Orange-legged wandering spider (Cupiennius coccineus) consuming house gecko (Hemidactylus frenatus) at Sirena Biological Station, Corcovado, Costa Rica

Red-legged wandering spider (Cupiennius coccineus) consuming a house gecko (Hemidactylus frenatus) at Sirena Biological Station, Corcovado, Costa Rica

When someone first asked me about the major predators of anoles, my first thought was to talk about curly-tailed lizards (Leiocephalus carinatus) in the Caribbean, vine snakes (Oxybelis spp.) in the neotropics [see my previous post on anole predation by O. aeneus at La Selva], and birds. I think that as herpetologists, we tend to fall into the trap of thinking of invertebrates as “lesser” taxa to be preyed upon by small vertebrates like lizards, and in turn for small vertebrates to be eaten by larger vertebrates.

I, too, when thinking about how selective pressures shape morphological variation in mainland and island habitats turned to fellow herps and birds as the primary predation pressure for mainland anoles. However, it wasn’t until I arrived in Costa Rica that I discovered the high prevalence of voracious arthropods, and I realized that our beloved lizards had much more to fear!

Orange wandering spider (Cupiennius getazi) with egg sac at La Selva Biological Station, Costa Rica

Orange wandering spider (Cupiennius getazi) with egg sac at La Selva Biological Station, Costa Rica

Red-legged wandering spider (Cupiennius coccineus) eating a pink katydid (Tettigoniidae: Phaneropterinae) at La Selva Biological Station, Costa Rica

Red-legged wandering spider (Cupiennius coccineus) eating a pink katydid (Tettigoniidae: Phaneropterinae) at La Selva Biological Station, Costa Rica

A large adult female mantis (Phasmomantis championi) at La Selva Biological Station, Costa Rica

A large adult female mantis (Phasmomantis championi) at La Selva Biological Station, Costa Rica

Conehead katydid (Tettigoniidae: Conocephalinae: Vestria sp.) at La Tarde, Osa Peninsula, Costa Rica

Conehead katydid (Tettigoniidae: Conocephalinae: Vestria sp.) at La Tarde, Osa Peninsula, Costa Rica

In a single night at La Selva, I could easily find dozens of large wandering spiders (Ctenidae), and if I pointed my headlamp higher in the trees I could see eyeshine from hundreds of spiders. Given the high density of large ctenids at La Selva, it is not unlikely that anoles and small tree frogs constitute a major portion of their diet. In fact, I wouldn’t be surprised if large arthropods are one of the most common predators of mainland anoles in some regions.

The same might be the case for giant mantids of the genera Macromantis and Phasmomantis, and conocephaline katydids sporting fearsome mandibles (e.g. Copiphora spp.). Since the invasive Chinese mantids (Tenodera sinensis) in North America are well documented to prey on hummingbirds almost equal in size to the mantids [see Nyffeler et al. 2017], surely larger and bulkier species in the neotropics can take lizards much smaller than themselves. Even though wandering spiders and conehead katydids are primarily nocturnal hunters, I have heard many stories of these arthropods being implicated in anole and tree frog predation. Research looking into how ctenids and nocturnal katydids forage would help determine if they can actually detect sleeping anoles or if predation events occur from the arthropods simply running in to the anoles while on the move.

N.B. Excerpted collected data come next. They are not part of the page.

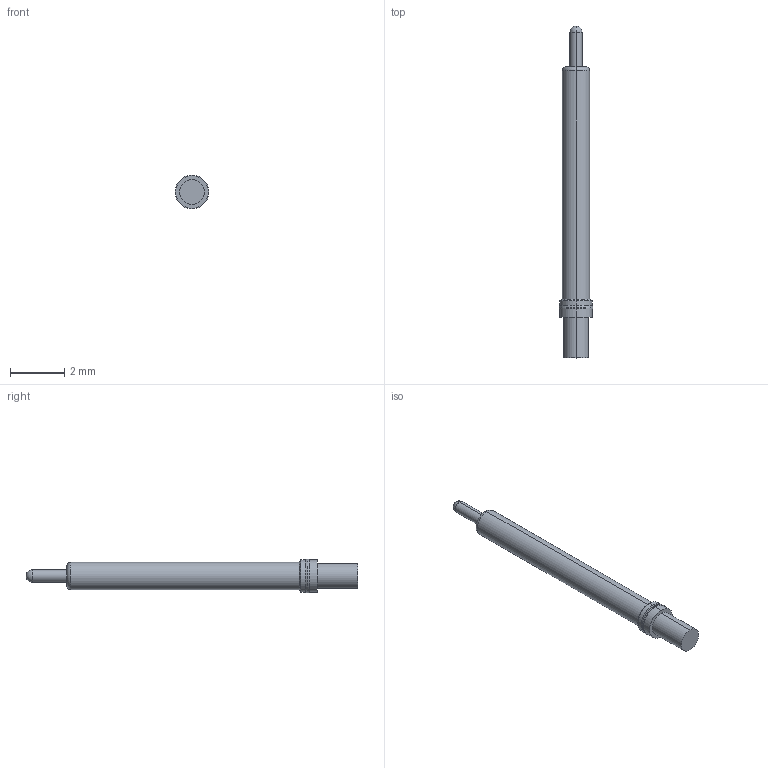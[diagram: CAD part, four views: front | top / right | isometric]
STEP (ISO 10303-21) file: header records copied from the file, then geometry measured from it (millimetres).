
FILE_DESCRIPTION((''),'2;1');
FILE_NAME('PRT0032','2023-05-26T11:56:58',('USER'),(''),'CREO PARAMETRIC BY PTC INC, 2020154','CREO PARAMETRIC BY PTC INC, 2020154','');
FILE_SCHEMA(('CONFIG_CONTROL_DESIGN'));
Length unit declared in the file: millimetre
Products named in the file (1): PRT0032
Bounding box: 1.24 x 12.2 x 1.24 mm (x, y, z)
Volume: 8.6 mm3; surface area: 37.5 mm2
Topology: 1 solids, 1 shells, 25 faces, 50 edges, 29 vertices
Faces by surface type: cylinder 12, plane 5, cone 4, torus 2, sphere 2
Entity records: 680 total; most frequent: DIRECTION 130, CARTESIAN_POINT 102, ORIENTED_EDGE 96, AXIS2_PLACEMENT_3D 57, EDGE_CURVE 48, CIRCLE 32, VERTEX_POINT 29, EDGE_LOOP 29
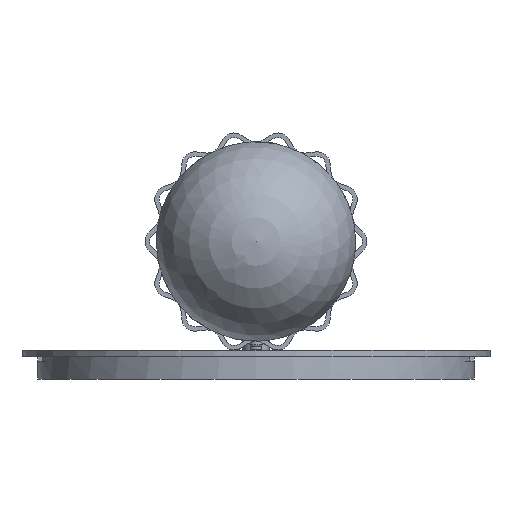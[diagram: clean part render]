
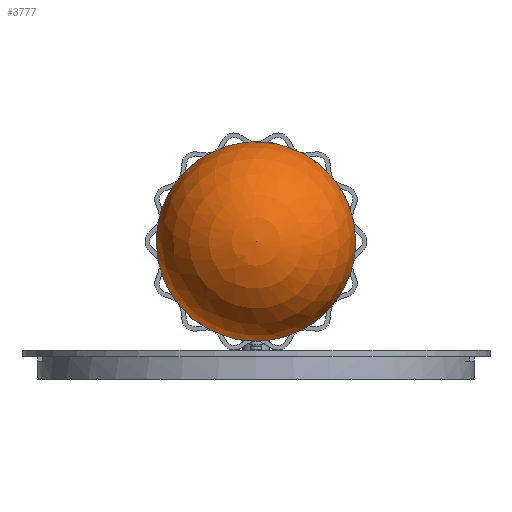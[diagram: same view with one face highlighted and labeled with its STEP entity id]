
A CAD part, front view. The second image highlights one B-rep face of the part: STEP entity #3777.
In plain terms, the highlighted spherical face has radius 22.5 mm.
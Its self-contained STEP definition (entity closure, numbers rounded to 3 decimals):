
#13=SPHERICAL_SURFACE('',#4186,22.5);
#343=FACE_OUTER_BOUND('',#549,.T.);
#549=EDGE_LOOP('',(#3187,#3188,#3189,#3190));
#1305=CIRCLE('',#4151,14.527);
#1306=CIRCLE('',#4152,14.527);
#1328=CIRCLE('',#4187,22.5);
#1664=VERTEX_POINT('',#6561);
#1665=VERTEX_POINT('',#6565);
#1682=VERTEX_POINT('',#6621);
#2163=EDGE_CURVE('',#1665,#1664,#1305,.T.);
#2164=EDGE_CURVE('',#1664,#1665,#1306,.T.);
#2189=EDGE_CURVE('',#1665,#1682,#1328,.T.);
#3187=ORIENTED_EDGE('',*,*,#2164,.T.);
#3188=ORIENTED_EDGE('',*,*,#2189,.T.);
#3189=ORIENTED_EDGE('',*,*,#2189,.F.);
#3190=ORIENTED_EDGE('',*,*,#2163,.T.);
#3777=ADVANCED_FACE('',(#343),#13,.T.);
#4151=AXIS2_PLACEMENT_3D('',#6566,#5149,#5150);
#4152=AXIS2_PLACEMENT_3D('',#6567,#5151,#5152);
#4186=AXIS2_PLACEMENT_3D('',#6620,#5222,#5223);
#4187=AXIS2_PLACEMENT_3D('',#6622,#5224,#5225);
#5149=DIRECTION('center_axis',(0.,-1.,0.));
#5150=DIRECTION('ref_axis',(0.634,0.,0.773));
#5151=DIRECTION('center_axis',(0.,-1.,0.));
#5152=DIRECTION('ref_axis',(0.634,0.,0.773));
#5222=DIRECTION('center_axis',(0.,1.,0.));
#5223=DIRECTION('ref_axis',(0.634,0.,0.773));
#5224=DIRECTION('center_axis',(-0.773,0.,
0.634));
#5225=DIRECTION('ref_axis',(-0.634,0.,-0.773));
#6561=CARTESIAN_POINT('',(11.23,-377.118,21.636));
#6565=CARTESIAN_POINT('',(-9.215,-377.118,19.621));
#6566=CARTESIAN_POINT('Origin',(0.,-377.118,30.851));
#6567=CARTESIAN_POINT('Origin',(0.,-377.118,30.851));
#6620=CARTESIAN_POINT('Origin',(0.,-394.3,30.851));
#6621=CARTESIAN_POINT('',(0.,-416.8,30.851));
#6622=CARTESIAN_POINT('Origin',(0.,-394.3,30.851));

If anyone here on Anole Annals has any anecdotal or photographic records, please comment below.

To throw a twist on this discussion, is it possible for a spider to prey on a lizard two and a half times its size? A new paper about a vertebrate-eating jumping spider (Salticidae) describes just that! Considering arthropods as possible major players in anole predation could shed light on behavioral and ecological studies of mainland anoles.

Figure 1 from Nyfeller et al. 2017, showing female jumping spiders (Phidippus regius) consuming Carolina anoles (Anolis carolinensis) and Cuban tree frogs (Osteopilus septentrionalis)

Figure 1 from Nyfeller et al. 2017, showing female jumping spiders (Phidippus regius) consuming Carolina anoles (Anolis carolinensis) and Cuban tree frogs (Osteopilus septentrionalis)

Here are a few more spider photos to wrap up this blog post.

Jumping spider (Salticidae: Phiale cf. guttata) eating an assassin bug (Reduviidae)

Jumping spider (Salticidae: Phiale cf. guttata) eating an assassin bug (Reduviidae)

Red-legged wandering spider (Cupiennius coccineus) consuming house gecko (Hemidactylus frenatus) at Sirena Biological Station, Corcovado, Costa Rica

Another angle of a red-legged wandering spider (Cupiennius coccineus) consuming a house gecko (Hemidactylus frenatus) at Sirena Biological Station, Corcovado, Costa Rica

Threat display of a Brazilian wandering spider (Phoneutria boliviensis) from Tárcoles, Costa Rica. A ctenid with medically significant venom.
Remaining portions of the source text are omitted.